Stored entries
--- START ---

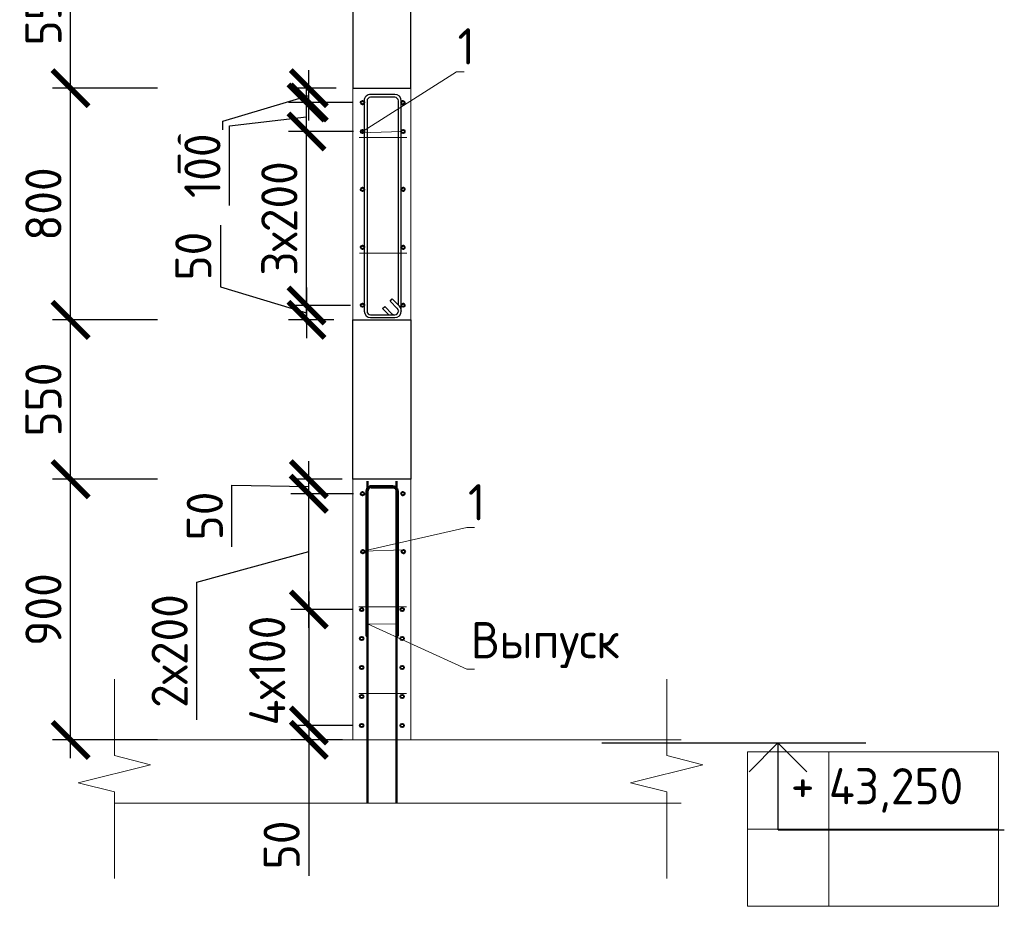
# Model space of a CAD drawing. Header units: millimetres. Extents: x 247266 to 730847, y -636031 to 10052.
# Tile 98 of 196: x 565780 to 572584, y -326550 to -320428. Entities that reach past the tile are written whole.
import ezdxf
from ezdxf import colors
from ezdxf.entities.mleader import LeaderData, LeaderLine
from ezdxf.math import Vec2, Vec3

# ---------------------------------------------------------------- set-up
doc = ezdxf.new("R2010")
doc.units = ezdxf.units.MM
for name, color, linetype, lineweight in [('AF_Stena', 7, 'Continuous', 18), ('KR_Fundament', 7, 'Continuous', 18), ('RAZMER', 7, 'Continuous', 15), ('Арм_хомуты', 7, 'Continuous', 18), ('Арм_шпильки', 7, 'Continuous', 18), ('Армирование', 7, 'Continuous', 40), ('АрмСтер', 7, 'Continuous', 50), ('АС-Таблицы', 7, 'Continuous', 20), ('отметки', 7, 'Continuous', 18), ('подоснова', 7, 'Continuous', 5)]:
    doc.layers.add(name, color=color, linetype=linetype, lineweight=lineweight)
doc.layers.add('РАЗМЕРЫ', color=7, linetype='Continuous')
doc.styles.add('GOST 2.304', font='CS_Gost2304.shx')
doc.styles.add('GOST-2.304_Type-B', font='GOST_Common.ttf')
doc.styles.add('ГОСТ', font='GOST_Common.ttf')
doc.dimstyles.new('мой 25', dxfattribs={"dimscale": 100, "dimtxt": 2.5, "dimasz": 2.5, "dimexe": 1.25, "dimexo": 0.625, "dimtad": 1, "dimdec": 0, "dimlfac": 0.5, "dimtxsty": 'GOST-2.304_Type-B', "dimblk": 'ARCHTICK', "dimcen": 2.5, "dimdle": 1.25, "dimaunit": 1, "dimadec": 1, "dimazin": 2, "dimtfac": 1, "dimtdec": 0, "dimtmove": 1, "dimatfit": 3, "dimfxl": 6, "dimfxlon": 1, "dimtfill": 1, "dimlwd": -1, "dimlwe": -1, "dimarcsym": 0})

# ---------------------------------------------------------------- blocks, each defined once
blk = doc.blocks.new('_ArchTick')
at = {"color": 0, "linetype": 'ByBlock', "const_width": 0.15}
blk.add_lwpolyline([(-0.5, -0.5), (0.5, 0.5)], dxfattribs=at)
blk = doc.blocks.new('*D1229')
at = {"layer": 'DEFPOINTS', "color": 0, "ltscale": 100}
for p in [(568143.2, -324501), (567778, -325301), (568143.2, -325301)]:
    blk.add_point(p, dxfattribs=at)
at = {"layer": 'РАЗМЕРЫ', "color": 0, "linetype": 'Continuous'}
for p, q in [((567778, -324376), (567778, -325426)), ((568080.7, -324501), (567653, -324501)), ((568080.7, -325301), (567653, -325301))]:
    blk.add_line(p, q, dxfattribs=at)
at = {"layer": 'РАЗМЕРЫ', "color": 0, "ltscale": 100, "xscale": 250, "yscale": 250, "zscale": 250}
for p, rotation in [((567778, -324501), 90), ((567778, -325301), 270)]:
    blk.add_blockref('_ArchTick', p, dxfattribs=dict(at, rotation=rotation))
at = {"layer": 'РАЗМЕРЫ', "color": 0, "lineweight": 0, "ltscale": 100, "insert": (567490.5, -324922), "char_height": 250, "attachment_point": 5, "rotation": 90, "style": 'GOST-2.304_Type-B', "bg_fill": 3, "box_fill_scale": 1.1, "bg_fill_color": 256, "bg_fill_true_color": 13158600, "bg_fill_transparency": 0}
blk.add_mtext('4х100', dxfattribs=at)
blk = doc.blocks.new('*D1230')
at = {"layer": 'DEFPOINTS', "color": 0, "ltscale": 100}
for p in [(568143.2, -325301), (567778, -325401), (568072.5, -325401)]:
    blk.add_point(p, dxfattribs=at)
at = {"layer": 'РАЗМЕРЫ', "color": 0, "linetype": 'Continuous'}
for p, q in [((567778, -325176), (567778, -325526)), ((568080.7, -325301), (567653, -325301)), ((568010, -325401), (567653, -325401)), ((567778, -325401), (567778, -326338.8))]:
    blk.add_line(p, q, dxfattribs=at)
at = {"layer": 'РАЗМЕРЫ', "color": 0, "ltscale": 100, "xscale": 250, "yscale": 250, "zscale": 250}
for p, rotation in [((567778, -325301), 270), ((567778, -325401), 90)]:
    blk.add_blockref('_ArchTick', p, dxfattribs=dict(at, rotation=rotation))
at = {"layer": 'РАЗМЕРЫ', "color": 0, "lineweight": 0, "ltscale": 100, "insert": (567590.3, -326126.2), "char_height": 250, "attachment_point": 5, "rotation": 90, "style": 'GOST-2.304_Type-B', "bg_fill": 3, "box_fill_scale": 1.1, "bg_fill_color": 256, "bg_fill_true_color": 13158600, "bg_fill_transparency": 0}
blk.add_mtext('50', dxfattribs=at)
blk = doc.blocks.new('*U192')
at = {"color": 0, "linetype": 'ByBlock', "lineweight": -2}
for p, q in [((-109.1, 25.4), (-105.5, 1027)), ((-95.5, 1026.9), (-105.5, 1027)), ((-99.1, 25.4), (-95.5, 1026.9)), ((99.3, 24.6), (103, 1026.2)), ((103, 1026.2), (113, 1026.2)), ((109.3, 24.6), (113, 1026.2)), ((-108, 16.3), (-109.1, 25.4)), ((-104.5, 7.9), (-108, 16.3)), ((-99, 0.6), (-104.5, 7.9)), ((-98.3, 18.9), (-99.1, 25.4)), ((-91.7, -5), (-99, 0.6)), ((-95.8, 12.9), (-98.3, 18.9)), ((-91.9, 7.7), (-95.8, 12.9)), ((-86.7, 3.7), (-91.9, 7.7)), ((-80.7, 1.1), (-86.7, 3.7)), ((-74.2, 0.3), (-80.7, 1.1)), ((-74.2, 0.3), (74.2, -0.3)), ((74.2, -0.3), (80.7, 0.6)), ((80.7, 0.6), (86.7, 3)), ((86.7, 3), (91.9, 7)), ((91.9, 7), (95.9, 12.1)), ((95.9, 12.1), (98.4, 18.2)), ((98.4, 18.2), (99.3, 24.6)), ((99, -0.1), (104.5, 7.1)), ((104.5, 7.1), (108.1, 15.5)), ((108.1, 15.5), (109.3, 24.6)), ((-83.3, -8.5), (-91.7, -5)), ((-74.2, -9.7), (-83.3, -8.5)), ((74.2, -10.3), (-74.2, -9.7)), ((74.2, -10.3), (83.2, -9.1)), ((83.2, -9.1), (91.7, -5.6)), ((91.7, -5.6), (99, -0.1))]:
    blk.add_line(p, q, dxfattribs=at)
at = {"style": 'GOST 2.304', "oblique": 15, "flags": 9}
for tag, p in [('ПОЗИЦИЯ', (1065.8, -185)), ('ДИАМЕТР', (1066.1, -189.3)), ('КЛАСС', (1066.4, -193.8)), ('ДЛИНА', (1066.9, -198.6)), ('МАССА', (1067.1, -203.9))]:
    blk.add_attdef(tag, p, '', height=2.5, dxfattribs=at)
blk = doc.blocks.new('*D1088')
at = {"layer": 'DEFPOINTS', "color": 0, "ltscale": 100}
for p in [(567778, -323700.8), (568148.6, -323700.8), (568143.2, -324501)]:
    blk.add_point(p, dxfattribs=at)
at = {"layer": 'РАЗМЕРЫ', "color": 0, "linetype": 'Continuous'}
for p, q in [((567778, -324626), (567778, -323575.8)), ((568086.1, -323700.8), (567653, -323700.8)), ((567003.5, -324311.7), (567778, -324100.9)), ((567003.5, -325262.5), (567003.5, -324311.7)), ((568080.7, -324501), (567653, -324501))]:
    blk.add_line(p, q, dxfattribs=at)
at = {"layer": 'РАЗМЕРЫ', "color": 0, "ltscale": 100, "xscale": 250, "yscale": 250, "zscale": 250}
for p, rotation in [((567778, -323700.8), 90), ((567778, -324501), 270)]:
    blk.add_blockref('_ArchTick', p, dxfattribs=dict(at, rotation=rotation))
at = {"layer": 'РАЗМЕРЫ', "color": 0, "lineweight": 0, "ltscale": 100, "insert": (566815.9, -324787.1), "char_height": 250, "attachment_point": 5, "rotation": 90, "style": 'GOST-2.304_Type-B', "bg_fill": 3, "box_fill_scale": 1.1, "bg_fill_color": 256, "bg_fill_true_color": 13158600, "bg_fill_transparency": 0}
blk.add_mtext('2х200', dxfattribs=at)
blk = doc.blocks.new('*D1089')
at = {"layer": 'DEFPOINTS', "color": 0, "ltscale": 100}
for p in [(567778, -323601), (568071.2, -323601), (568148.6, -323700.8)]:
    blk.add_point(p, dxfattribs=at)
at = {"layer": 'РАЗМЕРЫ', "color": 0, "linetype": 'Continuous'}
for p, q in [((567778, -323825.8), (567778, -323476)), ((567246.7, -324067.7), (567246.7, -323642.4)), ((567246.7, -323642.4), (567778, -323650.9)), ((568008.7, -323601), (567653, -323601)), ((568086.1, -323700.8), (567653, -323700.8))]:
    blk.add_line(p, q, dxfattribs=at)
at = {"layer": 'РАЗМЕРЫ', "color": 0, "ltscale": 100, "xscale": 250, "yscale": 250, "zscale": 250}
for p, rotation in [((567778, -323601), 270), ((567778, -323700.8), 90)]:
    blk.add_blockref('_ArchTick', p, dxfattribs=dict(at, rotation=rotation))
at = {"layer": 'РАЗМЕРЫ', "color": 0, "lineweight": 0, "ltscale": 100, "insert": (567059.1, -323855), "char_height": 250, "attachment_point": 5, "rotation": 90, "style": 'GOST-2.304_Type-B', "bg_fill": 3, "box_fill_scale": 1.1, "bg_fill_color": 256, "bg_fill_true_color": 13158600, "bg_fill_transparency": 0}
blk.add_mtext('50', dxfattribs=at)
blk = doc.blocks.new('_None')
blk = doc.blocks.new('*D1254')
at = {"layer": 'DEFPOINTS', "color": 0, "ltscale": 100}
for p in [(566131.8, -323601), (568083.2, -323601), (567382.1, -325401)]:
    blk.add_point(p, dxfattribs=at)
at = {"layer": 'РАЗМЕРЫ', "color": 0, "linetype": 'Continuous'}
for p, q in [((566131.8, -325526), (566131.8, -323476)), ((566731.8, -323601), (566006.8, -323601)), ((566731.8, -325401), (566006.8, -325401))]:
    blk.add_line(p, q, dxfattribs=at)
at = {"layer": 'РАЗМЕРЫ', "color": 0, "ltscale": 100, "xscale": 250, "yscale": 250, "zscale": 250}
for p, rotation in [((566131.8, -323601), 90), ((566131.8, -325401), 270)]:
    blk.add_blockref('_ArchTick', p, dxfattribs=dict(at, rotation=rotation))
at = {"layer": 'РАЗМЕРЫ', "color": 0, "lineweight": 0, "ltscale": 100, "insert": (565944.2, -324501), "char_height": 250, "attachment_point": 5, "rotation": 90, "style": 'GOST-2.304_Type-B', "bg_fill": 3, "box_fill_scale": 1.1, "bg_fill_color": 256, "bg_fill_true_color": 13158600, "bg_fill_transparency": 0}
blk.add_mtext('900', dxfattribs=at)
blk = doc.blocks.new('*D1106')
at = {"layer": 'DEFPOINTS', "color": 0, "ltscale": 100}
for p in [(566131.8, -322501), (568013.2, -322501), (567190.3, -323601)]:
    blk.add_point(p, dxfattribs=at)
at = {"layer": 'РАЗМЕРЫ', "color": 0, "linetype": 'Continuous'}
for p, q in [((566131.8, -323726), (566131.8, -322376)), ((566731.8, -322501), (566006.8, -322501)), ((566731.8, -323601), (566006.8, -323601))]:
    blk.add_line(p, q, dxfattribs=at)
at = {"layer": 'РАЗМЕРЫ', "color": 0, "ltscale": 100, "xscale": 250, "yscale": 250, "zscale": 250}
for p, rotation in [((566131.8, -322501), 90), ((566131.8, -323601), 270)]:
    blk.add_blockref('_ArchTick', p, dxfattribs=dict(at, rotation=rotation))
at = {"layer": 'РАЗМЕРЫ', "color": 0, "lineweight": 0, "ltscale": 100, "insert": (565944.2, -323051), "char_height": 250, "attachment_point": 5, "rotation": 90, "style": 'GOST-2.304_Type-B', "bg_fill": 3, "box_fill_scale": 1.1, "bg_fill_color": 256, "bg_fill_true_color": 13158600, "bg_fill_transparency": 0}
blk.add_mtext('550', dxfattribs=at)
blk = doc.blocks.new('*D1255')
at = {"layer": 'DEFPOINTS', "color": 0, "ltscale": 100}
for p in [(566131.8, -319801), (567343.8, -319801), (568083.2, -320901)]:
    blk.add_point(p, dxfattribs=at)
at = {"layer": 'РАЗМЕРЫ', "color": 0, "linetype": 'Continuous'}
for p, q in [((566131.8, -321026), (566131.8, -319676)), ((566731.8, -319801), (566006.8, -319801)), ((566731.8, -320901), (566006.8, -320901))]:
    blk.add_line(p, q, dxfattribs=at)
at = {"layer": 'РАЗМЕРЫ', "color": 0, "ltscale": 100, "xscale": 250, "yscale": 250, "zscale": 250}
for p, rotation in [((566131.8, -319801), 90), ((566131.8, -320901), 270)]:
    blk.add_blockref('_ArchTick', p, dxfattribs=dict(at, rotation=rotation))
at = {"layer": 'РАЗМЕРЫ', "color": 0, "lineweight": 0, "ltscale": 100, "insert": (565944.2, -320351), "char_height": 250, "attachment_point": 5, "rotation": 90, "style": 'GOST-2.304_Type-B', "bg_fill": 3, "box_fill_scale": 1.1, "bg_fill_color": 256, "bg_fill_true_color": 13158600, "bg_fill_transparency": 0}
blk.add_mtext('550', dxfattribs=at)
blk = doc.blocks.new('*D1169')
at = {"layer": 'DEFPOINTS', "color": 0, "ltscale": 100}
for p in [(567778, -320901), (568029.2, -320901), (568144.1, -321000.2)]:
    blk.add_point(p, dxfattribs=at)
at = {"layer": 'РАЗМЕРЫ', "color": 0, "linetype": 'Continuous'}
for p, q in [((567778, -321125.2), (567778, -320776)), ((567966.7, -320901), (567653, -320901)), ((567183.8, -321128.8), (567778, -320950.6)), ((568081.6, -321000.2), (567653, -321000.2)), ((567183.8, -321554.1), (567183.8, -321128.8))]:
    blk.add_line(p, q, dxfattribs=at)
at = {"layer": 'РАЗМЕРЫ', "color": 0, "ltscale": 100, "xscale": 250, "yscale": 250, "zscale": 250}
for p, rotation in [((567778, -320901), 270), ((567778, -321000.2), 90)]:
    blk.add_blockref('_ArchTick', p, dxfattribs=dict(at, rotation=rotation))
at = {"layer": 'РАЗМЕРЫ', "color": 0, "lineweight": 0, "ltscale": 100, "insert": (566996.2, -321341.5), "char_height": 250, "attachment_point": 5, "rotation": 90, "style": 'GOST-2.304_Type-B', "bg_fill": 3, "box_fill_scale": 1.1, "bg_fill_color": 256, "bg_fill_true_color": 13158600, "bg_fill_transparency": 0}
blk.add_mtext('50', dxfattribs=at)
blk = doc.blocks.new('*D1170')
at = {"layer": 'DEFPOINTS', "color": 0, "ltscale": 100}
for p in [(568128, -322401.7), (567761.9, -322501), (568013.2, -322501)]:
    blk.add_point(p, dxfattribs=at)
at = {"layer": 'РАЗМЕРЫ', "color": 0, "linetype": 'Continuous'}
for p, q in [((567167.8, -321847.8), (567167.8, -322273.1)), ((567167.8, -322273.1), (567761.9, -322451.3)), ((567761.9, -322276.7), (567761.9, -322626)), ((568065.5, -322401.7), (567636.9, -322401.7)), ((567950.7, -322501), (567636.9, -322501))]:
    blk.add_line(p, q, dxfattribs=at)
at = {"layer": 'РАЗМЕРЫ', "color": 0, "ltscale": 100, "xscale": 250, "yscale": 250, "zscale": 250}
for p, rotation in [((567761.9, -322401.7), 270), ((567761.9, -322501), 90)]:
    blk.add_blockref('_ArchTick', p, dxfattribs=dict(at, rotation=rotation))
at = {"layer": 'РАЗМЕРЫ', "color": 0, "lineweight": 0, "ltscale": 100, "insert": (566980.2, -322060.4), "char_height": 250, "attachment_point": 5, "rotation": 90, "style": 'GOST-2.304_Type-B', "bg_fill": 3, "box_fill_scale": 1.1, "bg_fill_color": 256, "bg_fill_true_color": 13158600, "bg_fill_transparency": 0}
blk.add_mtext('50', dxfattribs=at)
blk = doc.blocks.new('*D1171')
at = {"layer": 'DEFPOINTS', "color": 0, "ltscale": 100}
for p in [(566131.8, -320901), (566611.7, -320901), (568083.2, -322501)]:
    blk.add_point(p, dxfattribs=at)
at = {"layer": 'РАЗМЕРЫ', "color": 0, "linetype": 'Continuous'}
for p, q in [((566131.8, -322626), (566131.8, -320776)), ((566549.2, -320901), (566006.8, -320901)), ((566731.8, -322501), (566006.8, -322501))]:
    blk.add_line(p, q, dxfattribs=at)
at = {"layer": 'РАЗМЕРЫ', "color": 0, "ltscale": 100, "xscale": 250, "yscale": 250, "zscale": 250}
for p, rotation in [((566131.8, -320901), 90), ((566131.8, -322501), 270)]:
    blk.add_blockref('_ArchTick', p, dxfattribs=dict(at, rotation=rotation))
at = {"layer": 'РАЗМЕРЫ', "color": 0, "lineweight": 0, "ltscale": 100, "insert": (565944.2, -321701), "char_height": 250, "attachment_point": 5, "rotation": 90, "style": 'GOST-2.304_Type-B', "bg_fill": 3, "box_fill_scale": 1.1, "bg_fill_color": 256, "bg_fill_true_color": 13158600, "bg_fill_transparency": 0}
blk.add_mtext('800', dxfattribs=at)
blk = doc.blocks.new('*U372')
at = {"color": 0, "linetype": 'ByBlock', "lineweight": -2}
for p, q in [((96.9, 768.2), (12.5, 768.2)), ((96.9, 758.2), (12.5, 758.2)), ((32.8, 758.2), (54.9, 736.1)), ((-10, 745.7), (-10, 12.5)), ((-10, 744.7), (-10, 745.7)), ((22, 703.3), (-3.4, 728.8)), ((0, 744.7), (0, 745.7)), ((0, 725.4), (0, 12.5)), ((3.7, 735.9), (29.1, 710.4)), ((47.8, 729.1), (22.3, 754.5)), ((54.9, 736.1), (47.8, 729.1)), ((109.4, 12.5), (109.4, 745.7)), ((119.4, 12.5), (119.4, 745.7)), ((29.1, 710.4), (22, 703.3)), ((12.5, 0), (96.9, 0)), ((12.5, -10), (96.9, -10))]:
    blk.add_line(p, q, dxfattribs=at)
for centre, radius, start, end in [((12.5, 745.7), 22.5, 90, 180), ((12.5, 745.7), 12.5, 90, 180), ((13.5, 745.7), 12.5, 45, 90), ((96.9, 745.7), 22.5, 0, 90), ((96.9, 745.7), 12.5, 0, 90), ((12.5, 744.7), 22.5, 180, 225), ((12.5, 744.7), 12.5, 180, 225), ((12.5, 12.5), 22.5, 180, 270), ((12.5, 12.5), 12.5, 180, 270), ((96.9, 12.5), 12.5, 270, 0), ((96.9, 12.5), 22.5, 270, 0)]:
    blk.add_arc(centre, radius, start, end, dxfattribs=at)
at = {"style": 'GOST 2.304', "oblique": 15, "flags": 9}
for tag, p in [('ДИАМЕТР', (-52.8, -63)), ('КЛАСС', (-53, -68.7)), ('ПОЗИЦИЯ', (-52.3, -58)), ('ДЛИНА', (-52.5, -73.8)), ('МАССА', (-52.3, -78.3))]:
    blk.add_attdef(tag, p, '', height=2.5, dxfattribs=at)
blk = doc.blocks.new('*D1762')
at = {"layer": 'DEFPOINTS', "color": 0, "ltscale": 100}
for p in [(567761.9, -321199.6), (568149.1, -321199.6), (568128, -322401.7)]:
    blk.add_point(p, dxfattribs=at)
at = {"layer": 'РАЗМЕРЫ', "color": 0, "linetype": 'Continuous'}
for p, q in [((567761.9, -322526.7), (567761.9, -321074.6)), ((568086.6, -321199.6), (567636.9, -321199.6)), ((568065.5, -322401.7), (567636.9, -322401.7))]:
    blk.add_line(p, q, dxfattribs=at)
at = {"layer": 'РАЗМЕРЫ', "color": 0, "ltscale": 100, "xscale": 250, "yscale": 250, "zscale": 250}
for p, rotation in [((567761.9, -321199.6), 90), ((567761.9, -322401.7), 270)]:
    blk.add_blockref('_ArchTick', p, dxfattribs=dict(at, rotation=rotation))
at = {"layer": 'РАЗМЕРЫ', "color": 0, "lineweight": 0, "ltscale": 100, "insert": (567574.3, -321800.7), "char_height": 250, "attachment_point": 5, "rotation": 90, "style": 'GOST-2.304_Type-B', "bg_fill": 3, "box_fill_scale": 1.1, "bg_fill_color": 256, "bg_fill_true_color": 13158600, "bg_fill_transparency": 0}
blk.add_mtext('3х200', dxfattribs=at)
blk = doc.blocks.new('*D1763')
at = {"layer": 'DEFPOINTS', "color": 0, "ltscale": 100}
for p in [(567761.9, -321000.2), (567836.9, -321000.2), (568149.1, -321199.6)]:
    blk.add_point(p, dxfattribs=at)
at = {"layer": 'РАЗМЕРЫ', "color": 0, "linetype": 'Continuous'}
for p, q in [((567761.9, -321324.6), (567761.9, -320875.2)), ((567774.4, -321000.2), (567636.9, -321000.2)), ((567230.7, -321161.4), (567761.9, -321099.9)), ((567230.7, -321711.8), (567230.7, -321161.4)), ((568086.6, -321199.6), (567636.9, -321199.6))]:
    blk.add_line(p, q, dxfattribs=at)
at = {"layer": 'РАЗМЕРЫ', "color": 0, "ltscale": 100, "xscale": 250, "yscale": 250, "zscale": 250}
for p, rotation in [((567761.9, -321000.2), 90), ((567761.9, -321199.6), 270)]:
    blk.add_blockref('_ArchTick', p, dxfattribs=dict(at, rotation=rotation))
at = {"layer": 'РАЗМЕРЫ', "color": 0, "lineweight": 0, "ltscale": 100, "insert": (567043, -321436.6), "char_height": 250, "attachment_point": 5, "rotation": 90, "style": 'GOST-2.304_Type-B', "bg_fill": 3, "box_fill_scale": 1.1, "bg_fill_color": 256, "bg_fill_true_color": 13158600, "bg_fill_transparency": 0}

--- END ---

> Task details: Go through the entries and copy each line holding the string "centre".

> Answer to the problem:
for centre, radius, start, end in [((12.5, 745.7), 22.5, 90, 180), ((12.5, 745.7), 12.5, 90, 180), ((13.5, 745.7), 12.5, 45, 90), ((96.9, 745.7), 22.5, 0, 90), ((96.9, 745.7), 12.5, 0, 90), ((12.5, 744.7), 22.5, 180, 225), ((12.5, 744.7), 12.5, 180, 225), ((12.5, 12.5), 22.5, 180, 270), ((12.5, 12.5), 12.5, 180, 270), ((96.9, 12.5), 12.5, 270, 0), ((96.9, 12.5), 22.5, 270, 0)]:
    blk.add_arc(centre, radius, start, end, dxfattribs=at)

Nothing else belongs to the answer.